Objection 1 It would seem that no precept should be given about charity. For charity imposes the mode on all acts of virtue, since it is the form of the virtues as stated above 1, while the precepts are about the virtues themselves. Now, according to the common saying, the mode is not included in the precept. Therefore no precepts should be given about charity.
Objection 2 Further, charity, which "is poured forth in our hearts by the Holy Ghost" 2, makes us free, since "where the Spirit of the Lord is, there is liberty" 3. Now the obligation that arises from a precept is opposed to liberty, since it imposes a necessity. Therefore no precept should be given about charity.
Objection 3 Further, charity is the foremost among all the virtues, to which the precepts are directed, as shown above 4. If, therefore, any precepts were given about charity, they should have a place among the chief precepts which are those of the decalogue. But they have no place there. Therefore no precepts should be given about charity.
On the contrary Whatever God requires of us is included in a precept. Now God requires that man should love Him, according toDt. 10:12. Therefore it behooved precepts to be given about the love of charity, which is the love of God.

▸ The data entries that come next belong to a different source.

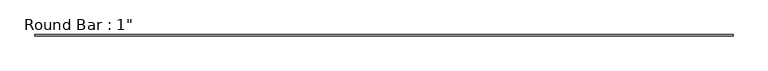
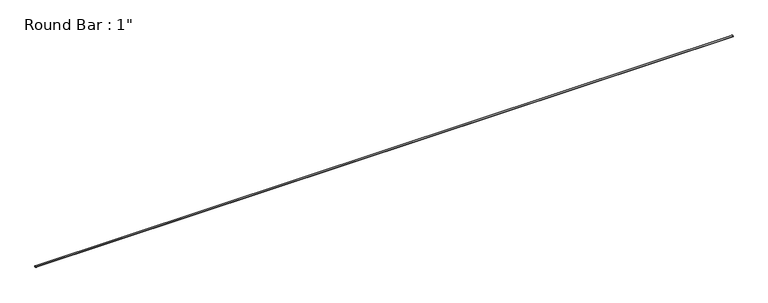
"""IFC4 building model written with IfcOpenShell, lengths in millimetres: member geometry."""

from ifc_helpers import new_model, si_unit, point, frame, origin, origin_2d, place, context, project, spatial, circle_curve, trimmed, segment, composite_curve, outline, extrude, source, transform, mapped, element, save


def member_badfb426(model_context):
    return source(origin(), model_context, "Body", "SweptSolid", [
        extrude(outline(composite_curve([segment(trimmed(circle_curve(origin_2d(), 12.7), [point((-12.7, 0.0))], [point((12.7, 0.0))], False, "CARTESIAN"), True, "CONTINUOUS"), segment(trimmed(circle_curve(origin_2d(), 12.7), [point((12.7, 0.0))], [point((-12.7, 0.0))], False, "CARTESIAN"), True, "CONTINUOUS")], self_intersect=False)), frame((-5592.7009894, 0.0, 0.0), z_axis=(1.0, 0.0, 0.0), x_axis=(0.0, 1.0, 0.0)), (0.0, 0.0, 1.0), 11185.4019788),
    ])


if __name__ == "__main__":
    model = new_model("IFC4")
    model_context = context("Model", 3, world=origin())
    ifc_project = project(units=[si_unit("LENGTHUNIT", "METRE", prefix="MILLI")], contexts=[model_context])
    site = spatial("IfcSite", under=ifc_project)
    building = spatial("IfcBuilding", under=site)
    placement = place(None, origin())
    member_shape = member_badfb426(model_context)
    element("IfcMember", 1, ObjectType="Round Bar : 1\"", at=placement, inside=building, context=model_context, shape_type="MappedRepresentation", body=[
        mapped(member_shape, transform((0.0, 0.0, 0.0), x_axis=(1.0, 0.0, 0.0), y_axis=(0.0, 1.0, 0.0), z_axis=(0.0, 0.0, 1.0))),
    ])
    save(model, "model.ifc")

# Revit data of these elements
# Type "Round Bar : 1\""
#   Assembly Code = "B10"
#   W = 0
#   Start Extension Calculation [instance default] = 10' - 0"
#   Start Extension [instance default] = -0' - 0 1/2"
#   End Extension Calculation [instance default] = 10' - 0"
#   End Extension [instance default] = -0' - 0 1/2"
#   Length [instance default] = 5' - 0"
#   d = 0' - 1"
#   A = 0 SF
#   Structural Material [instance default] = Metal - Steel - ASTM A36
# Element 1 (IfcMember, "Round Bar : 1\"")
#   Materials on its faces: "Metal - Steel - ASTM A36"
# Materials
#   "Metal - Steel - ASTM A36": class "Metal", colour RGB 199 199 199, transparency 0

I answer that As stated above 5, a precept implies the notion of something due. Hence a thing is a matter of precept, in so far as it is something due. Now a thing is due in two ways, for its own sake, and for the sake of something else. In every affair, it is the end that is due for its own sake, because it has the character of a good for its own sake: while that which is directed to the end is due for the sake of something else: thus for a physician, it is due for its own sake, that he should heal, while it is due for the sake of something else that he should give a medicine in order to heal. Now the end of the spiritual life is that man be united to God, and this union is effected by charity, while all things pertaining to the spiritual life are ordained to this union, as to their end. Hence the Apostle says 6: "The end of the commandment is charity from a pure heart, and a good conscience, and an unfeigned faith." For all the virtues, about whose acts the precepts are given, are directed either to the freeing of the heart from the whirl of the passions - such are the virtues that regulate the passions - or at least to the possession of a good conscience - such are the virtues that regulate operations - or to the having of a right faith - such are those which pertain to the worship of God: and these three things are required of man that he may love God. For an impure heart is withdrawn from loving God, on account of the passion that inclines it to earthly things; an evil conscience gives man a horror for God's justice, through fear of His punishments; and an untrue faith draws man's affections to an untrue representation of God, and separates him from the truth of God. Now in every genus that which is for its own sake takes precedence of that which is for the sake of another, wherefore the greatest precept is that of charity, as stated in Mat. 22:39.
Reply to Objection 1 As stated above 7 when we were treating of the commandments, the mode of love does not come under those precepts which are about the other acts of virtue: for instance, this precept, "Honor thy father and thy mother," does not prescribe that this should be done out of charity. The act of love does, however, fall under special precepts.
Reply to Objection 2 The obligation of a precept is not opposed to liberty, except in one whose mind is averted from that which is prescribed, as may be seen in those who keep the precepts through fear alone. But the precept of love cannot be fulfilled save of one's own will, wherefore it is not opposed to charity.
Reply to Objection 3 All the precepts of the decalogue are directed to the love of God and of our neighbor: and therefore the precepts of charity had not to be enumerated among the precepts of the decalogue, since they are included in all of them.